The copy you return should hold only the lines from the top of the data below through the line with "#43567=DIRECTION('',(-0.8,0.6,0.));", each duplicated exactly and with no pictures.

++++ MATERIAL FOR THE TASK ++++

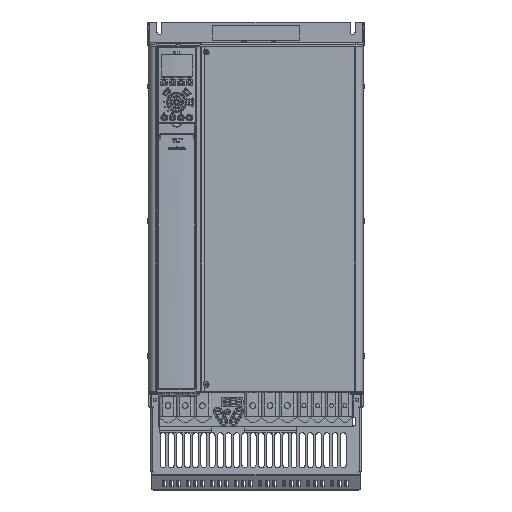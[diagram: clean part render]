
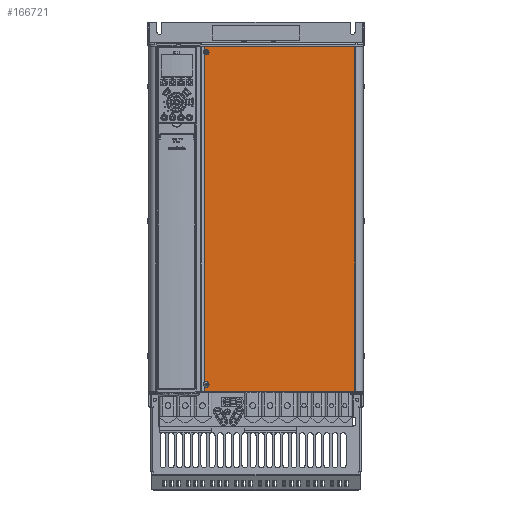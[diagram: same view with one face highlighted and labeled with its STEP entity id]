
A CAD part, top view. The second image highlights one B-rep face of the part: STEP entity #166721.
In plain terms, the highlighted planar face has unit normal (0, 0, 1).
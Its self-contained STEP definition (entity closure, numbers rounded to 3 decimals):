
#21257=DIRECTION('',(1.,0.,0.));
#21258=VECTOR('',#21257,257.671);
#21259=CARTESIAN_POINT('',(-88.56,293.55,325.8));
#21260=LINE('',#21259,#21258);
#43044=DIRECTION('',(1.,0.,0.));
#43045=VECTOR('',#43044,250.452);
#43046=CARTESIAN_POINT('',(-88.56,-295.5,325.8));
#43047=LINE('',#43046,#43045);
#43053=DIRECTION('',(1.,0.,0.));
#43054=VECTOR('',#43053,1.003);
#43055=CARTESIAN_POINT('',(168.108,-295.5,325.8));
#43056=LINE('',#43055,#43054);
#43109=CARTESIAN_POINT('',(-88.56,-281.231,325.8));
#43333=CARTESIAN_POINT('',(-88.56,-286.569,325.8));
#43339=CARTESIAN_POINT('',(-88.56,286.569,325.8));
#43563=CARTESIAN_POINT('',(-88.56,281.231,325.8));
#43565=CARTESIAN_POINT('',(-85.,-283.9,325.8));
#43566=DIRECTION('',(0.,0.,-1.));
#43567=DIRECTION('',(-0.8,0.6,0.));
#43568=AXIS2_PLACEMENT_3D('',#43565,#43566,#43567);
#43580=DIRECTION('',(0.,-1.,0.));
#43581=VECTOR('',#43580,562.461);
#43582=CARTESIAN_POINT('',(-88.56,281.231,325.8));
#43583=LINE('',#43582,#43581);
#43584=CARTESIAN_POINT('',(-85.,286.1,325.8));
#43585=DIRECTION('',(0.,0.,1.));
#43586=DIRECTION('',(0.49,0.871,0.));
#43587=AXIS2_PLACEMENT_3D('',#43584,#43585,#43586);
#43589=CARTESIAN_POINT('',(-85.,283.9,325.8));
#43590=DIRECTION('',(0.,0.,-1.));
#43591=DIRECTION('',(-0.8,0.6,0.));
#43592=AXIS2_PLACEMENT_3D('',#43589,#43590,#43591);
#43594=DIRECTION('',(0.,-1.,0.));
#43595=VECTOR('',#43594,6.981);
#43596=CARTESIAN_POINT('',(-88.56,293.55,325.8));
#43597=LINE('',#43596,#43595);
#43598=CARTESIAN_POINT('',(168.108,-295.5,325.8));
#43599=CARTESIAN_POINT('',(168.084,-295.498,325.8));
#43600=CARTESIAN_POINT('',(168.036,-295.493,325.8));
#43601=CARTESIAN_POINT('',(167.965,-295.486,325.8));
#43602=CARTESIAN_POINT('',(167.894,-295.481,325.8));
#43603=CARTESIAN_POINT('',(167.824,-295.475,325.8));
#43604=CARTESIAN_POINT('',(167.754,-295.471,325.8));
#43605=CARTESIAN_POINT('',(167.685,-295.467,325.8));
#43606=CARTESIAN_POINT('',(167.616,-295.463,325.8));
#43607=CARTESIAN_POINT('',(167.548,-295.46,325.8));
#43608=CARTESIAN_POINT('',(167.48,-295.458,325.8));
#43609=CARTESIAN_POINT('',(167.412,-295.455,325.8));
#43610=CARTESIAN_POINT('',(167.345,-295.454,325.8));
#43611=CARTESIAN_POINT('',(167.277,-295.452,325.8));
#43612=CARTESIAN_POINT('',(167.211,-295.451,325.8));
#43613=CARTESIAN_POINT('',(167.144,-295.451,325.8));
#43614=CARTESIAN_POINT('',(167.077,-295.45,325.8));
#43615=CARTESIAN_POINT('',(167.033,-295.45,325.8));
#43616=CARTESIAN_POINT('',(167.011,-295.45,325.8));
#43618=DIRECTION('',(-1.,0.,0.));
#43619=VECTOR('',#43618,4.022);
#43620=CARTESIAN_POINT('',(167.011,-295.45,325.8));
#43621=LINE('',#43620,#43619);
#43622=CARTESIAN_POINT('',(162.989,-295.45,325.8));
#43623=CARTESIAN_POINT('',(162.967,-295.45,325.8));
#43624=CARTESIAN_POINT('',(162.923,-295.45,325.8));
#43625=CARTESIAN_POINT('',(162.856,-295.451,325.8));
#43626=CARTESIAN_POINT('',(162.789,-295.451,325.8));
#43627=CARTESIAN_POINT('',(162.722,-295.452,325.8));
#43628=CARTESIAN_POINT('',(162.655,-295.454,325.8));
#43629=CARTESIAN_POINT('',(162.588,-295.455,325.8));
#43630=CARTESIAN_POINT('',(162.52,-295.458,325.8));
#43631=CARTESIAN_POINT('',(162.452,-295.46,325.8));
#43632=CARTESIAN_POINT('',(162.384,-295.463,325.8));
#43633=CARTESIAN_POINT('',(162.315,-295.467,325.8));
#43634=CARTESIAN_POINT('',(162.246,-295.471,325.8));
#43635=CARTESIAN_POINT('',(162.176,-295.475,325.8));
#43636=CARTESIAN_POINT('',(162.106,-295.481,325.8));
#43637=CARTESIAN_POINT('',(162.035,-295.486,325.8));
#43638=CARTESIAN_POINT('',(161.964,-295.493,325.8));
#43639=CARTESIAN_POINT('',(161.916,-295.498,325.8));
#43640=CARTESIAN_POINT('',(161.892,-295.5,325.8));
#43642=DIRECTION('',(0.,-1.,0.));
#43643=VECTOR('',#43642,8.931);
#43644=CARTESIAN_POINT('',(-88.56,-286.569,325.8));
#43645=LINE('',#43644,#43643);
#43646=CARTESIAN_POINT('',(-85.,-283.9,325.8));
#43647=DIRECTION('',(0.,0.,-1.));
#43648=DIRECTION('',(-0.265,-0.964,0.));
#43649=AXIS2_PLACEMENT_3D('',#43646,#43647,#43648);
#43651=CARTESIAN_POINT('',(-85.,-286.1,325.8));
#43652=DIRECTION('',(0.,0.,1.));
#43653=DIRECTION('',(-0.49,-0.871,0.));
#43654=AXIS2_PLACEMENT_3D('',#43651,#43652,#43653);
#43656=CARTESIAN_POINT('',(-85.,283.9,325.8));
#43657=DIRECTION('',(0.,0.,-1.));
#43658=DIRECTION('',(0.265,0.964,0.));
#43659=AXIS2_PLACEMENT_3D('',#43656,#43657,#43658);
#44869=DIRECTION('',(0.,-1.,0.));
#44870=VECTOR('',#44869,589.05);
#44871=CARTESIAN_POINT('',(169.111,293.55,325.8));
#44872=LINE('',#44871,#44870);
#99123=CARTESIAN_POINT('',(169.111,-295.5,325.8));
#99125=VERTEX_POINT('',#99123);
#99139=CARTESIAN_POINT('',(-88.56,-295.5,325.8));
#99140=VERTEX_POINT('',#99139);
#99142=CARTESIAN_POINT('',(169.111,293.55,325.8));
#99144=VERTEX_POINT('',#99142);
#99147=CARTESIAN_POINT('',(-88.56,293.55,325.8));
#99149=VERTEX_POINT('',#99147);
#107369=CARTESIAN_POINT('',(167.011,-295.45,325.8));
#107370=CARTESIAN_POINT('',(162.989,-295.45,325.8));
#107371=VERTEX_POINT('',#107369);
#107372=VERTEX_POINT('',#107370);
#107373=VERTEX_POINT('',#43640);
#107374=VERTEX_POINT('',#43598);
#113385=VERTEX_POINT('',#43339);
#113389=VERTEX_POINT('',#43563);
#113390=CARTESIAN_POINT('',(-86.177,288.191,325.8));
#113391=VERTEX_POINT('',#113390);
#113408=CARTESIAN_POINT('',(-83.823,288.191,325.8));
#113409=VERTEX_POINT('',#113408);
#113533=VERTEX_POINT('',#43109);
#113537=VERTEX_POINT('',#43333);
#113538=CARTESIAN_POINT('',(-86.177,-288.191,325.8));
#113539=VERTEX_POINT('',#113538);
#113554=CARTESIAN_POINT('',(-83.823,-288.191,325.8));
#113555=VERTEX_POINT('',#113554);
#166690=CARTESIAN_POINT('',(-88.56,295.5,325.8));
#166691=DIRECTION('',(0.,0.,-1.));
#166692=DIRECTION('',(1.,0.,0.));
#166693=AXIS2_PLACEMENT_3D('',#166690,#166691,#166692);
#166694=PLANE('',#166693);
#166695=ORIENTED_EDGE('',*,*,#166675,.F.);
#166696=ORIENTED_EDGE('',*,*,#166665,.F.);
#166698=ORIENTED_EDGE('',*,*,#166697,.F.);
#166700=ORIENTED_EDGE('',*,*,#166699,.T.);
#166702=ORIENTED_EDGE('',*,*,#166701,.F.);
#166703=ORIENTED_EDGE('',*,*,#166655,.F.);
#166704=ORIENTED_EDGE('',*,*,#144140,.T.);
#166706=ORIENTED_EDGE('',*,*,#166705,.T.);
#166707=ORIENTED_EDGE('',*,*,#166517,.F.);
#166709=ORIENTED_EDGE('',*,*,#166708,.T.);
#166711=ORIENTED_EDGE('',*,*,#166710,.T.);
#166713=ORIENTED_EDGE('',*,*,#166712,.T.);
#166714=ORIENTED_EDGE('',*,*,#166513,.F.);
#166715=ORIENTED_EDGE('',*,*,#166650,.F.);
#166716=ORIENTED_EDGE('',*,*,#166679,.F.);
#166718=ORIENTED_EDGE('',*,*,#166717,.T.);
#166719=EDGE_LOOP('',(#166695,#166696,#166698,#166700,#166702,#166703,#166704,
#166706,#166707,#166709,#166711,#166713,#166714,#166715,#166716,#166718));
#166720=FACE_OUTER_BOUND('',#166719,.F.);
#166721=ADVANCED_FACE('',(#166720),#166694,.F.);
#43569=CIRCLE('',#43568,4.45);
#43588=CIRCLE('',#43587,2.4);
#43593=CIRCLE('',#43592,4.45);
#43617=B_SPLINE_CURVE_WITH_KNOTS('',3,(#43598,#43599,#43600,#43601,#43602,
#43603,#43604,#43605,#43606,#43607,#43608,#43609,#43610,#43611,#43612,#43613,
#43614,#43615,#43616),.UNSPECIFIED.,.F.,.F.,(4,1,1,1,1,1,1,1,1,1,1,1,1,1,1,1,4),
(0.,0.063,0.125,0.188,0.25,0.313,0.375,0.438,0.5,0.563,
0.625,0.688,0.75,0.813,0.875,0.938,1.),.UNSPECIFIED.);
#43641=B_SPLINE_CURVE_WITH_KNOTS('',3,(#43622,#43623,#43624,#43625,#43626,
#43627,#43628,#43629,#43630,#43631,#43632,#43633,#43634,#43635,#43636,#43637,
#43638,#43639,#43640),.UNSPECIFIED.,.F.,.F.,(4,1,1,1,1,1,1,1,1,1,1,1,1,1,1,1,4),
(0.,0.063,0.125,0.188,0.25,0.313,0.375,0.438,0.5,0.563,
0.625,0.688,0.75,0.813,0.875,0.938,1.),.UNSPECIFIED.);
#43650=CIRCLE('',#43649,4.45);
#43655=CIRCLE('',#43654,2.4);
#43660=CIRCLE('',#43659,4.45);
#144140=EDGE_CURVE('',#99149,#99144,#21260,.T.);
#166513=EDGE_CURVE('',#99140,#107373,#43047,.T.);
#166517=EDGE_CURVE('',#107374,#99125,#43056,.T.);
#166650=EDGE_CURVE('',#113537,#99140,#43645,.T.);
#166655=EDGE_CURVE('',#99149,#113385,#43597,.T.);
#166665=EDGE_CURVE('',#113389,#113533,#43583,.T.);
#166675=EDGE_CURVE('',#113533,#113555,#43569,.T.);
#166679=EDGE_CURVE('',#113539,#113537,#43650,.T.);
#166697=EDGE_CURVE('',#113409,#113389,#43660,.T.);
#166699=EDGE_CURVE('',#113409,#113391,#43588,.T.);
#166701=EDGE_CURVE('',#113385,#113391,#43593,.T.);
#166705=EDGE_CURVE('',#99144,#99125,#44872,.T.);
#166708=EDGE_CURVE('',#107374,#107371,#43617,.T.);
#166710=EDGE_CURVE('',#107371,#107372,#43621,.T.);
#166712=EDGE_CURVE('',#107372,#107373,#43641,.T.);
#166717=EDGE_CURVE('',#113539,#113555,#43655,.T.);

++++

ANSWER BELOW
[diagram: clean part render]
[diagram: same view with one face highlighted and labeled with its STEP entity id]
A CAD part, top view. The second image highlights one B-rep face of the part: STEP entity #166721.
In plain terms, the highlighted planar face has unit normal (0, 0, 1).
Its self-contained STEP definition (entity closure, numbers rounded to 3 decimals):
#21257=DIRECTION('',(1.,0.,0.));
#21258=VECTOR('',#21257,257.671);
#21259=CARTESIAN_POINT('',(-88.56,293.55,325.8));
#21260=LINE('',#21259,#21258);
#43044=DIRECTION('',(1.,0.,0.));
#43045=VECTOR('',#43044,250.452);
#43046=CARTESIAN_POINT('',(-88.56,-295.5,325.8));
#43047=LINE('',#43046,#43045);
#43053=DIRECTION('',(1.,0.,0.));
#43054=VECTOR('',#43053,1.003);
#43055=CARTESIAN_POINT('',(168.108,-295.5,325.8));
#43056=LINE('',#43055,#43054);
#43109=CARTESIAN_POINT('',(-88.56,-281.231,325.8));
#43333=CARTESIAN_POINT('',(-88.56,-286.569,325.8));
#43339=CARTESIAN_POINT('',(-88.56,286.569,325.8));
#43563=CARTESIAN_POINT('',(-88.56,281.231,325.8));
#43565=CARTESIAN_POINT('',(-85.,-283.9,325.8));
#43566=DIRECTION('',(0.,0.,-1.));
#43567=DIRECTION('',(-0.8,0.6,0.));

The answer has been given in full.